(Extracted records)

***

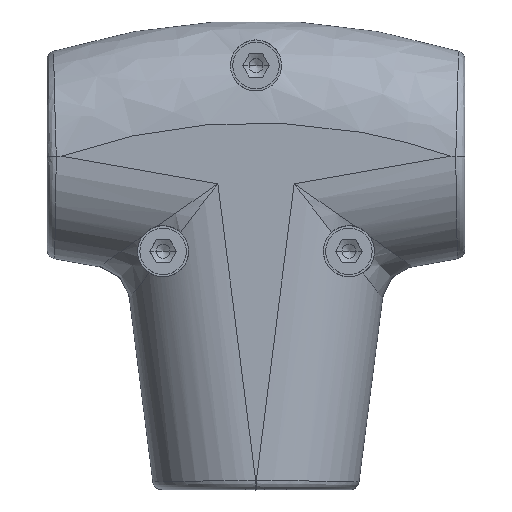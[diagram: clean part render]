
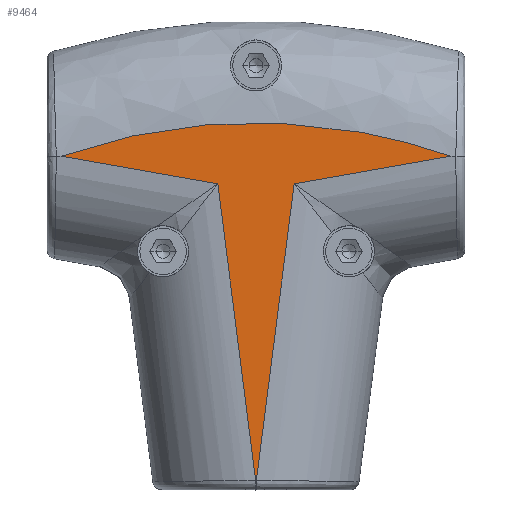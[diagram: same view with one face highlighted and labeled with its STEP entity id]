
A CAD part, top view. The second image highlights one B-rep face of the part: STEP entity #9464.
In plain terms, the highlighted planar face has unit normal (0, 0, 1).
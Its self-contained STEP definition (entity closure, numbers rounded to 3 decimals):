
#635 = CARTESIAN_POINT ( 'NONE',  ( -8.228, 65.851, 22. ) ) ;
#916 = CARTESIAN_POINT ( 'NONE',  ( -41.985, 71.808, 22. ) ) ;
#1018 = EDGE_CURVE ( 'NONE', #8216, #7801, #7772, .T. ) ;
#1158 = EDGE_CURVE ( 'NONE', #3288, #3586, #5449, .T. ) ;
#1481 = VECTOR ( 'NONE', #11369, 1000. ) ;
#2123 = PLANE ( 'NONE',  #8103 ) ;
#2247 = DIRECTION ( 'NONE',  ( 0.127, 0.992, 0. ) ) ;
#2448 = ORIENTED_EDGE ( 'NONE', *, *, #9069, .T. ) ;
#2664 = DIRECTION ( 'NONE',  ( 0.985, 0.174, 0. ) ) ;
#2690 = CARTESIAN_POINT ( 'NONE',  ( 14.548, 81.492, 22. ) ) ;
#2869 = VERTEX_POINT ( 'NONE', #8107 ) ;
#3258 = CARTESIAN_POINT ( 'NONE',  ( 41.985, 71.808, 22. ) ) ;
#3288 = VERTEX_POINT ( 'NONE', #5053 ) ;
#3391 = CARTESIAN_POINT ( 'NONE',  ( 0.077, 2., 22. ) ) ;
#3563 = CARTESIAN_POINT ( 'NONE',  ( 41.985, 71.808, 22. ) ) ;
#3586 = VERTEX_POINT ( 'NONE', #3258 ) ;
#3643 = EDGE_CURVE ( 'NONE', #7801, #3586, #9758, .T. ) ;
#3772 = DIRECTION ( 'NONE',  ( 0., 0., 1. ) ) ;
#3847 = FACE_OUTER_BOUND ( 'NONE', #10783, .T. ) ;
#3933 = CARTESIAN_POINT ( 'NONE',  ( 0.077, 2., 22. ) ) ;
#4125 = EDGE_CURVE ( 'NONE', #8216, #2869, #5314, .T. ) ;
#4165 = CARTESIAN_POINT ( 'NONE',  ( -8.228, 65.851, 22. ) ) ;
#4208 = DIRECTION ( 'NONE',  ( 0.985, -0.174, 0. ) ) ;
#4423 = CARTESIAN_POINT ( 'NONE',  ( 0., 2., 22. ) ) ;
#4577 = LINE ( 'NONE', #5990, #9113 ) ;
#4832 = DIRECTION ( 'NONE',  ( 1., 0., 0. ) ) ;
#5053 = CARTESIAN_POINT ( 'NONE',  ( -41.985, 71.808, 22. ) ) ;
#5100 = CARTESIAN_POINT ( 'NONE',  ( 8.228, 65.851, 22. ) ) ;
#5314 = LINE ( 'NONE', #4423, #5590 ) ;
#5351 = VECTOR ( 'NONE', #2664, 1000. ) ;
#5449 =( BOUNDED_CURVE ( )  B_SPLINE_CURVE ( 3, ( #916, #9972, #2690, #3563 ),
 .UNSPECIFIED., .F., .T. ) 
 B_SPLINE_CURVE_WITH_KNOTS ( ( 4, 4 ),
 ( 0., 1. ),
 .UNSPECIFIED. ) 
 CURVE ( )  GEOMETRIC_REPRESENTATION_ITEM ( )  RATIONAL_B_SPLINE_CURVE ( ( 1., 0.962, 0.962, 1. ) ) 
 REPRESENTATION_ITEM ( '' )  );
#5590 = VECTOR ( 'NONE', #9886, 1000. ) ;
#5990 = CARTESIAN_POINT ( 'NONE',  ( -41.985, 71.808, 22. ) ) ;
#6034 = EDGE_CURVE ( 'NONE', #7333, #2869, #6696, .T. ) ;
#6487 = ORIENTED_EDGE ( 'NONE', *, *, #3643, .T. ) ;
#6632 = VECTOR ( 'NONE', #2247, 1000. ) ;
#6696 = LINE ( 'NONE', #4165, #1481 ) ;
#6819 = ORIENTED_EDGE ( 'NONE', *, *, #1158, .F. ) ;
#7263 = ORIENTED_EDGE ( 'NONE', *, *, #4125, .F. ) ;
#7333 = VERTEX_POINT ( 'NONE', #635 ) ;
#7772 = LINE ( 'NONE', #3933, #6632 ) ;
#7801 = VERTEX_POINT ( 'NONE', #10314 ) ;
#7843 = ORIENTED_EDGE ( 'NONE', *, *, #6034, .T. ) ;
#8103 = AXIS2_PLACEMENT_3D ( 'NONE', #10290, #3772, #4832 ) ;
#8107 = CARTESIAN_POINT ( 'NONE',  ( -0.077, 2., 21.999 ) ) ;
#8216 = VERTEX_POINT ( 'NONE', #3391 ) ;
#9069 = EDGE_CURVE ( 'NONE', #3288, #7333, #4577, .T. ) ;
#9113 = VECTOR ( 'NONE', #4208, 1000. ) ;
#9464 = ADVANCED_FACE ( 'NONE', ( #3847 ), #2123, .T. ) ;
#9758 = LINE ( 'NONE', #5100, #5351 ) ;
#9886 = DIRECTION ( 'NONE',  ( -1., 0., 0. ) ) ;
#9972 = CARTESIAN_POINT ( 'NONE',  ( -14.548, 81.492, 22. ) ) ;
#10290 = CARTESIAN_POINT ( 'NONE',  ( 18.289, 53.088, 22. ) ) ;
#10314 = CARTESIAN_POINT ( 'NONE',  ( 8.228, 65.851, 22. ) ) ;
#10783 = EDGE_LOOP ( 'NONE', ( #2448, #7843, #7263, #11413, #6487, #6819 ) ) ;
#11369 = DIRECTION ( 'NONE',  ( 0.127, -0.992, 0. ) ) ;
#11413 = ORIENTED_EDGE ( 'NONE', *, *, #1018, .T. ) ;

***

Work order — Each entry is to be output exactly, and no picture is to appear.

Problem solution —
[diagram: clean part render]
[diagram: same view with one face highlighted and labeled with its STEP entity id]
A CAD part, top view. The second image highlights one B-rep face of the part: STEP entity #9464.
In plain terms, the highlighted planar face has unit normal (0, 0, 1).
Its self-contained STEP definition (entity closure, numbers rounded to 3 decimals):
#635 = CARTESIAN_POINT ( 'NONE',  ( -8.228, 65.851, 22. ) ) ;
#916 = CARTESIAN_POINT ( 'NONE',  ( -41.985, 71.808, 22. ) ) ;
#1018 = EDGE_CURVE ( 'NONE', #8216, #7801, #7772, .T. ) ;
#1158 = EDGE_CURVE ( 'NONE', #3288, #3586, #5449, .T. ) ;
#1481 = VECTOR ( 'NONE', #11369, 1000. ) ;
#2123 = PLANE ( 'NONE',  #8103 ) ;
#2247 = DIRECTION ( 'NONE',  ( 0.127, 0.992, 0. ) ) ;
#2448 = ORIENTED_EDGE ( 'NONE', *, *, #9069, .T. ) ;
#2664 = DIRECTION ( 'NONE',  ( 0.985, 0.174, 0. ) ) ;
#2690 = CARTESIAN_POINT ( 'NONE',  ( 14.548, 81.492, 22. ) ) ;
#2869 = VERTEX_POINT ( 'NONE', #8107 ) ;
#3258 = CARTESIAN_POINT ( 'NONE',  ( 41.985, 71.808, 22. ) ) ;
#3288 = VERTEX_POINT ( 'NONE', #5053 ) ;
#3391 = CARTESIAN_POINT ( 'NONE',  ( 0.077, 2., 22. ) ) ;
#3563 = CARTESIAN_POINT ( 'NONE',  ( 41.985, 71.808, 22. ) ) ;
#3586 = VERTEX_POINT ( 'NONE', #3258 ) ;
#3643 = EDGE_CURVE ( 'NONE', #7801, #3586, #9758, .T. ) ;
#3772 = DIRECTION ( 'NONE',  ( 0., 0., 1. ) ) ;
#3847 = FACE_OUTER_BOUND ( 'NONE', #10783, .T. ) ;
#3933 = CARTESIAN_POINT ( 'NONE',  ( 0.077, 2., 22. ) ) ;
#4125 = EDGE_CURVE ( 'NONE', #8216, #2869, #5314, .T. ) ;
#4165 = CARTESIAN_POINT ( 'NONE',  ( -8.228, 65.851, 22. ) ) ;
#4208 = DIRECTION ( 'NONE',  ( 0.985, -0.174, 0. ) ) ;
#4423 = CARTESIAN_POINT ( 'NONE',  ( 0., 2., 22. ) ) ;
#4577 = LINE ( 'NONE', #5990, #9113 ) ;
#4832 = DIRECTION ( 'NONE',  ( 1., 0., 0. ) ) ;
#5053 = CARTESIAN_POINT ( 'NONE',  ( -41.985, 71.808, 22. ) ) ;
#5100 = CARTESIAN_POINT ( 'NONE',  ( 8.228, 65.851, 22. ) ) ;
#5314 = LINE ( 'NONE', #4423, #5590 ) ;
#5351 = VECTOR ( 'NONE', #2664, 1000. ) ;
#5449 =( BOUNDED_CURVE ( )  B_SPLINE_CURVE ( 3, ( #916, #9972, #2690, #3563 ),
 .UNSPECIFIED., .F., .T. ) 
 B_SPLINE_CURVE_WITH_KNOTS ( ( 4, 4 ),
 ( 0., 1. ),
 .UNSPECIFIED. ) 
 CURVE ( )  GEOMETRIC_REPRESENTATION_ITEM ( )  RATIONAL_B_SPLINE_CURVE ( ( 1., 0.962, 0.962, 1. ) ) 
 REPRESENTATION_ITEM ( '' )  );
#5590 = VECTOR ( 'NONE', #9886, 1000. ) ;
#5990 = CARTESIAN_POINT ( 'NONE',  ( -41.985, 71.808, 22. ) ) ;
#6034 = EDGE_CURVE ( 'NONE', #7333, #2869, #6696, .T. ) ;
#6487 = ORIENTED_EDGE ( 'NONE', *, *, #3643, .T. ) ;
#6632 = VECTOR ( 'NONE', #2247, 1000. ) ;
#6696 = LINE ( 'NONE', #4165, #1481 ) ;
#6819 = ORIENTED_EDGE ( 'NONE', *, *, #1158, .F. ) ;
#7263 = ORIENTED_EDGE ( 'NONE', *, *, #4125, .F. ) ;
#7333 = VERTEX_POINT ( 'NONE', #635 ) ;
#7772 = LINE ( 'NONE', #3933, #6632 ) ;
#7801 = VERTEX_POINT ( 'NONE', #10314 ) ;
#7843 = ORIENTED_EDGE ( 'NONE', *, *, #6034, .T. ) ;
#8103 = AXIS2_PLACEMENT_3D ( 'NONE', #10290, #3772, #4832 ) ;
#8107 = CARTESIAN_POINT ( 'NONE',  ( -0.077, 2., 21.999 ) ) ;
#8216 = VERTEX_POINT ( 'NONE', #3391 ) ;
#9069 = EDGE_CURVE ( 'NONE', #3288, #7333, #4577, .T. ) ;
#9113 = VECTOR ( 'NONE', #4208, 1000. ) ;
#9464 = ADVANCED_FACE ( 'NONE', ( #3847 ), #2123, .T. ) ;
#9758 = LINE ( 'NONE', #5100, #5351 ) ;
#9886 = DIRECTION ( 'NONE',  ( -1., 0., 0. ) ) ;
#9972 = CARTESIAN_POINT ( 'NONE',  ( -14.548, 81.492, 22. ) ) ;
#10290 = CARTESIAN_POINT ( 'NONE',  ( 18.289, 53.088, 22. ) ) ;
#10314 = CARTESIAN_POINT ( 'NONE',  ( 8.228, 65.851, 22. ) ) ;
#10783 = EDGE_LOOP ( 'NONE', ( #2448, #7843, #7263, #11413, #6487, #6819 ) ) ;
#11369 = DIRECTION ( 'NONE',  ( 0.127, -0.992, 0. ) ) ;
#11413 = ORIENTED_EDGE ( 'NONE', *, *, #1018, .T. ) ;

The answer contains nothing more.